§ **Dataset excerpts**
-------------------------

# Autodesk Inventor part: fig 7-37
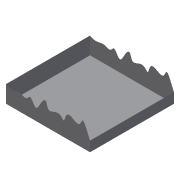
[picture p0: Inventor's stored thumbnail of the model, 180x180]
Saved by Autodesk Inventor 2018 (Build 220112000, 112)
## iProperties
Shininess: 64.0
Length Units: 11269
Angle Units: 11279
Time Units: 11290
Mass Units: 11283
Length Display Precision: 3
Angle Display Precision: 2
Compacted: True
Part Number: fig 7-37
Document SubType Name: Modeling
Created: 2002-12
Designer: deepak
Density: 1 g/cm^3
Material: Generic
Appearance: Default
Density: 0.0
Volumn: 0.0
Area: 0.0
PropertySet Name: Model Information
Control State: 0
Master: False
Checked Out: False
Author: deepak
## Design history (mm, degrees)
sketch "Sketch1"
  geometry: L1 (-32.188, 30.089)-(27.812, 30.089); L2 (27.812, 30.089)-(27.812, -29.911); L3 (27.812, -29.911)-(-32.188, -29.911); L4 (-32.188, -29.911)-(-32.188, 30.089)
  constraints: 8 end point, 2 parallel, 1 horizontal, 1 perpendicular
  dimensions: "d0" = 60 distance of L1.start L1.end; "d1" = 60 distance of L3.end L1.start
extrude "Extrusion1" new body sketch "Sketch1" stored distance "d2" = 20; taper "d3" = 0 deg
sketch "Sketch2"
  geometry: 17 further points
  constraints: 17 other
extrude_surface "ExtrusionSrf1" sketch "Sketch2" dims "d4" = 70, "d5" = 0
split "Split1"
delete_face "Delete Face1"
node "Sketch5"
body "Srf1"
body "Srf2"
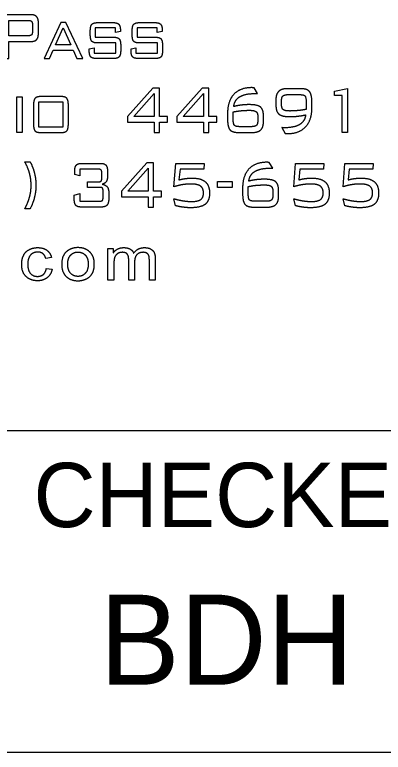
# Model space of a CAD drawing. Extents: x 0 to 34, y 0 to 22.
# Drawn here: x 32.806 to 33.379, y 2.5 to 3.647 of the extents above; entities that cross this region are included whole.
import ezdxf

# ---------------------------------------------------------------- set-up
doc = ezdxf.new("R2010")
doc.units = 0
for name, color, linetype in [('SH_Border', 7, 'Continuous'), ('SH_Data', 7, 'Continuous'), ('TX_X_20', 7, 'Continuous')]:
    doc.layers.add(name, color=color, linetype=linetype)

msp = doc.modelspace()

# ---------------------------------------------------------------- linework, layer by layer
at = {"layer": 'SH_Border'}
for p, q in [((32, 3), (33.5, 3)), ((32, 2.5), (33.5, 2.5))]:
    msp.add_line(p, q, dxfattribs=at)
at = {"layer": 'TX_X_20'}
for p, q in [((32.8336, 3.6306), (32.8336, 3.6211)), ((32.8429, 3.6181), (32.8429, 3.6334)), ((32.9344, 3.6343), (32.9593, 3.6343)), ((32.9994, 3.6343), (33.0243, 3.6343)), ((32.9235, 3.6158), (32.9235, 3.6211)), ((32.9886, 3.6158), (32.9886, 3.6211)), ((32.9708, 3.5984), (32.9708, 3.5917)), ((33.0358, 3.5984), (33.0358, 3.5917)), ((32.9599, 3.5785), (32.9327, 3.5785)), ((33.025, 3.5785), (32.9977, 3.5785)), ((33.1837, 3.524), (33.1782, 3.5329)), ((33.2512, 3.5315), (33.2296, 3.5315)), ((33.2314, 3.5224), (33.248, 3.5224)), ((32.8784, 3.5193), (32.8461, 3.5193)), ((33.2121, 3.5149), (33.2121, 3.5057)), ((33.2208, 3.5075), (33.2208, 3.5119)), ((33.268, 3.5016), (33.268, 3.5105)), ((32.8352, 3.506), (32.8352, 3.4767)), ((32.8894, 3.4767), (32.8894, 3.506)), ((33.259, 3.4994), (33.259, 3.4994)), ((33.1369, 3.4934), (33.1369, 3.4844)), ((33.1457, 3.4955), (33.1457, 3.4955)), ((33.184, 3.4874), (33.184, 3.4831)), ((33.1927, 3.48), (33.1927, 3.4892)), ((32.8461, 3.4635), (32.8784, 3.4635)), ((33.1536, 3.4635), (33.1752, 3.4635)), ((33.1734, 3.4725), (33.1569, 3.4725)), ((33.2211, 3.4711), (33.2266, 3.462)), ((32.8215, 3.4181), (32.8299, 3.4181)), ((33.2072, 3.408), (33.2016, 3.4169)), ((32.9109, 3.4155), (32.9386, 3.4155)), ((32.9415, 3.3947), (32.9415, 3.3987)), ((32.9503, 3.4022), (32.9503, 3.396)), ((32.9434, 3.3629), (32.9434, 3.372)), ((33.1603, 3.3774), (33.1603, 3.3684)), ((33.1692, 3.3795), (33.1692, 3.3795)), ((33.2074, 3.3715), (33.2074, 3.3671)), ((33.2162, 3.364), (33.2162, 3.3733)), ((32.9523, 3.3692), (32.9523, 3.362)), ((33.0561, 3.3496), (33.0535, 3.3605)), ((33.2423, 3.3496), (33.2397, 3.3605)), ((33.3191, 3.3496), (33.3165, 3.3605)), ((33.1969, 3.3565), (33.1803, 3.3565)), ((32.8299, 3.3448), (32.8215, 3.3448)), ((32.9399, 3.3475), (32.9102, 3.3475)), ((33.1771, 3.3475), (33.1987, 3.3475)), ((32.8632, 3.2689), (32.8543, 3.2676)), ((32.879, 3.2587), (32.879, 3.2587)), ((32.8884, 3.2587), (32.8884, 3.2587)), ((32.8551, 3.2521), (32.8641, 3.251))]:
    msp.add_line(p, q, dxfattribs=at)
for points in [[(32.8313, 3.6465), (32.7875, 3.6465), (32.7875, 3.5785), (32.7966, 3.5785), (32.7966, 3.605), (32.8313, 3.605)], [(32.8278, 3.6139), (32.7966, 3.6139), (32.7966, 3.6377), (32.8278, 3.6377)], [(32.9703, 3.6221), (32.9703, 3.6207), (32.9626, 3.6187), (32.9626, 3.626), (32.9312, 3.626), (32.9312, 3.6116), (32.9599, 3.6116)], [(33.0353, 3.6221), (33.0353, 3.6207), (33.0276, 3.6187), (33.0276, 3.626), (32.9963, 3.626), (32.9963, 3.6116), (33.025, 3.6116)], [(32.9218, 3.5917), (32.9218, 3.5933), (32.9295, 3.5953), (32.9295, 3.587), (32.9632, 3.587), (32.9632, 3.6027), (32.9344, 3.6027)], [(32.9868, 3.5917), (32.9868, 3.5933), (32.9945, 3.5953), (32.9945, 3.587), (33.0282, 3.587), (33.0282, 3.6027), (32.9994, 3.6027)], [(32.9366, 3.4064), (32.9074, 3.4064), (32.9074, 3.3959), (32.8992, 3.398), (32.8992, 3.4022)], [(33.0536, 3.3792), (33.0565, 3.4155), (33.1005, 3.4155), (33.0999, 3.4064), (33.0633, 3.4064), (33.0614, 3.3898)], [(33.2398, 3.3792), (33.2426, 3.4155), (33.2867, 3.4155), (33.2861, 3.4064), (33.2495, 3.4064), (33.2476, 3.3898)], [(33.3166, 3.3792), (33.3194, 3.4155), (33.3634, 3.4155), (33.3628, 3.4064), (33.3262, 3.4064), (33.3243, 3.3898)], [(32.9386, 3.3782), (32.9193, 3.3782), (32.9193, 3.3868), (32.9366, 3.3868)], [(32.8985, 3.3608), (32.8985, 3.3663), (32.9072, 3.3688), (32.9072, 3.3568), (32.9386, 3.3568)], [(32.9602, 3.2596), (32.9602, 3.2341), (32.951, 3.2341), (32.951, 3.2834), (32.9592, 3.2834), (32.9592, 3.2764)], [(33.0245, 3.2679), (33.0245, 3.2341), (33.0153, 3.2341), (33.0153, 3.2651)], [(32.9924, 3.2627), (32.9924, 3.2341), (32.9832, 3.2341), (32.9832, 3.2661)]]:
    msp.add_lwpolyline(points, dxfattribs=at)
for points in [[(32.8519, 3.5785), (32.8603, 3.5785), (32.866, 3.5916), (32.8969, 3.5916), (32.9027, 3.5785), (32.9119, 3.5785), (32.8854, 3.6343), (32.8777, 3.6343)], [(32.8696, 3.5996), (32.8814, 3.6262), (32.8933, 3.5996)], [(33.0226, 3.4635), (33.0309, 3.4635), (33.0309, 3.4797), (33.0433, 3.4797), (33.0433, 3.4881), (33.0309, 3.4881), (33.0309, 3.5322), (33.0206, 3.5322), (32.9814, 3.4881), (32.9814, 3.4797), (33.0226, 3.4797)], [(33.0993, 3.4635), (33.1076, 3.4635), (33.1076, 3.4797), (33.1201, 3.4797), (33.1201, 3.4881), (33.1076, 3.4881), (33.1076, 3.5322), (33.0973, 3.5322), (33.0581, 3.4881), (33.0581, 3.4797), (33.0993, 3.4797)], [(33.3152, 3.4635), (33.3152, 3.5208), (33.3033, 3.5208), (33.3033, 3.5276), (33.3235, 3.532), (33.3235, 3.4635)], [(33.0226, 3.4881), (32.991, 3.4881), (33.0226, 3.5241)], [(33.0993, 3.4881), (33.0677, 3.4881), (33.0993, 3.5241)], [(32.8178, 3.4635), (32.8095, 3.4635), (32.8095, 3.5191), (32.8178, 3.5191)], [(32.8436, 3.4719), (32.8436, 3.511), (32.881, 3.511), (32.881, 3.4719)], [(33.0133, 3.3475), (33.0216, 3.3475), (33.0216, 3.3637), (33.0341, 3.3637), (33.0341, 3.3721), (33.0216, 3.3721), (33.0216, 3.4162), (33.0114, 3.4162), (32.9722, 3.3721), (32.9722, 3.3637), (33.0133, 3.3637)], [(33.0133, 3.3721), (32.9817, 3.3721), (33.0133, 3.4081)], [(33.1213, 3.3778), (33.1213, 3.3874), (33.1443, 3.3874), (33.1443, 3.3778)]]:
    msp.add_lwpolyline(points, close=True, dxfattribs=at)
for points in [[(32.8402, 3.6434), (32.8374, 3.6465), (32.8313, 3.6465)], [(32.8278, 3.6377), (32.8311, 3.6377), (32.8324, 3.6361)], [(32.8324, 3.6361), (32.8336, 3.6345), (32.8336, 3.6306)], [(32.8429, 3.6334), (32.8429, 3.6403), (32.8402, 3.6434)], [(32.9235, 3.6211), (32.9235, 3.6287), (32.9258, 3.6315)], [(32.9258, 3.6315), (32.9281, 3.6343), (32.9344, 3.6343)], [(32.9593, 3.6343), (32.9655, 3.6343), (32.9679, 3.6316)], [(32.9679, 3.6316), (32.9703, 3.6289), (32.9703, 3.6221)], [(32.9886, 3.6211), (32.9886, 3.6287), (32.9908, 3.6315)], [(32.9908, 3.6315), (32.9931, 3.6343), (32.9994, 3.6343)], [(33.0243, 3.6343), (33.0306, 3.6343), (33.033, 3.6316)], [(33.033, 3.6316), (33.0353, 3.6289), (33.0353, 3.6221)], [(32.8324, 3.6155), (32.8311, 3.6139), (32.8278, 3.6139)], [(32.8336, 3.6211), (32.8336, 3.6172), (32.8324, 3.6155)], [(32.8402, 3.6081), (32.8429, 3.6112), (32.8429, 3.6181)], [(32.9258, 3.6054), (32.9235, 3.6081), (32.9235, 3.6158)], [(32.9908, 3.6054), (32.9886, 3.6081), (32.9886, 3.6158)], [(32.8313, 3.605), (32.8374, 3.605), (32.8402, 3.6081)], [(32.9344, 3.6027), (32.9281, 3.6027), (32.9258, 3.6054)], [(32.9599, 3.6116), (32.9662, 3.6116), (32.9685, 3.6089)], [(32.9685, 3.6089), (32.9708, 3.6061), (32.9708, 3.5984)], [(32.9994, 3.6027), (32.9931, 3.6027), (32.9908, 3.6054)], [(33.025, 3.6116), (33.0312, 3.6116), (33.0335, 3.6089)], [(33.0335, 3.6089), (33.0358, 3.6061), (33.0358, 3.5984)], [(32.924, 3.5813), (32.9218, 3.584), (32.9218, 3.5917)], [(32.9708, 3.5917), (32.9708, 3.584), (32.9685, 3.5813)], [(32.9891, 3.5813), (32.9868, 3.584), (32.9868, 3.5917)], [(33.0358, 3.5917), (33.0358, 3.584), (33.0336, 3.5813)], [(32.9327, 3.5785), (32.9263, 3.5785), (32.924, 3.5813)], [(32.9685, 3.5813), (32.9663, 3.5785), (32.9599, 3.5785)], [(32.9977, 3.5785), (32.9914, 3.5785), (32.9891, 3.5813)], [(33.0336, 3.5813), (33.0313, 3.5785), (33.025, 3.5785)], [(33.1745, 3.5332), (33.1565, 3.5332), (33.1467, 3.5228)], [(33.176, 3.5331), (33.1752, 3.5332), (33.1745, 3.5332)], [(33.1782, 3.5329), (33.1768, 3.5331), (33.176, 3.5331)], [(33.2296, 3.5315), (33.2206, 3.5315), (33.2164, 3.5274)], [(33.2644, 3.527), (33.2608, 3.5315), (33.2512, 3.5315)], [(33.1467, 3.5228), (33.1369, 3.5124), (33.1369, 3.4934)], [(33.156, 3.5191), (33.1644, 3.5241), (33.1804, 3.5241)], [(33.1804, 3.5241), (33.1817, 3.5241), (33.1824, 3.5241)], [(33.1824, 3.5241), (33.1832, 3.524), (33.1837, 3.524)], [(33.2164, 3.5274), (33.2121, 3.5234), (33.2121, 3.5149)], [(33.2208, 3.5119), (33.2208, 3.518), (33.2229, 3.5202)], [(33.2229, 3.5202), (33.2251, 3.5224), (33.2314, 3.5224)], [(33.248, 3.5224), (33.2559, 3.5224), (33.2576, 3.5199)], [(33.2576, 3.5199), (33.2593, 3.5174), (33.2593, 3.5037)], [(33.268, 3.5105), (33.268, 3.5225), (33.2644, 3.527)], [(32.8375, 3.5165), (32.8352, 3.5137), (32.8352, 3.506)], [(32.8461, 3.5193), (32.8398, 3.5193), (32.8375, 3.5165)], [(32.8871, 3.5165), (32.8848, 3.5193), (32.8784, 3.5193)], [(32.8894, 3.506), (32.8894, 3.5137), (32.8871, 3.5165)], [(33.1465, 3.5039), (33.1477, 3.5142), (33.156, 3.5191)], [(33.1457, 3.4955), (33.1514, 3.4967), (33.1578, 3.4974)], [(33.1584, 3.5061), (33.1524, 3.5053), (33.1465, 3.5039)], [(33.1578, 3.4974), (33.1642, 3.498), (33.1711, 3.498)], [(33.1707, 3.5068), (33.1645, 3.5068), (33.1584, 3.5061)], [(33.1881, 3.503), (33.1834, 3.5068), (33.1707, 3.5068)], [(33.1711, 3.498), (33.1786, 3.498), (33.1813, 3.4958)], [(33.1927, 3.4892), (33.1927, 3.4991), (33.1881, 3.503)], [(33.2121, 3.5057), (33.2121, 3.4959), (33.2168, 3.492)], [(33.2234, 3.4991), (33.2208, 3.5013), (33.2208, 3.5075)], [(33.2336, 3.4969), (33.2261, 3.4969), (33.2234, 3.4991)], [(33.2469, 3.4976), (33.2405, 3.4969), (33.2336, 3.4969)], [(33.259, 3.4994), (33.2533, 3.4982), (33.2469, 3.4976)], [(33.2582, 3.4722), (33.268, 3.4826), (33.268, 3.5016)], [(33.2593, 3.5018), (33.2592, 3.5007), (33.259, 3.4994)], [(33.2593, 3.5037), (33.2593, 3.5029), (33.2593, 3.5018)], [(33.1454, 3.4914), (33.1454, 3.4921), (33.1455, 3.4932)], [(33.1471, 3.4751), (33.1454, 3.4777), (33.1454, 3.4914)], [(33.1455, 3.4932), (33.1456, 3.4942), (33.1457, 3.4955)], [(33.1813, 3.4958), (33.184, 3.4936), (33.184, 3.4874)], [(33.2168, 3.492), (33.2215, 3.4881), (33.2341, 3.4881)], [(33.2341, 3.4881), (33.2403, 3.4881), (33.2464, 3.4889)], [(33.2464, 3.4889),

-------------------------

Only lines of the data holding the word "Angle" go in the answer. Please copy each of them.

§ **Task answer**
Angle Units: 11279
Angle Display Precision: 2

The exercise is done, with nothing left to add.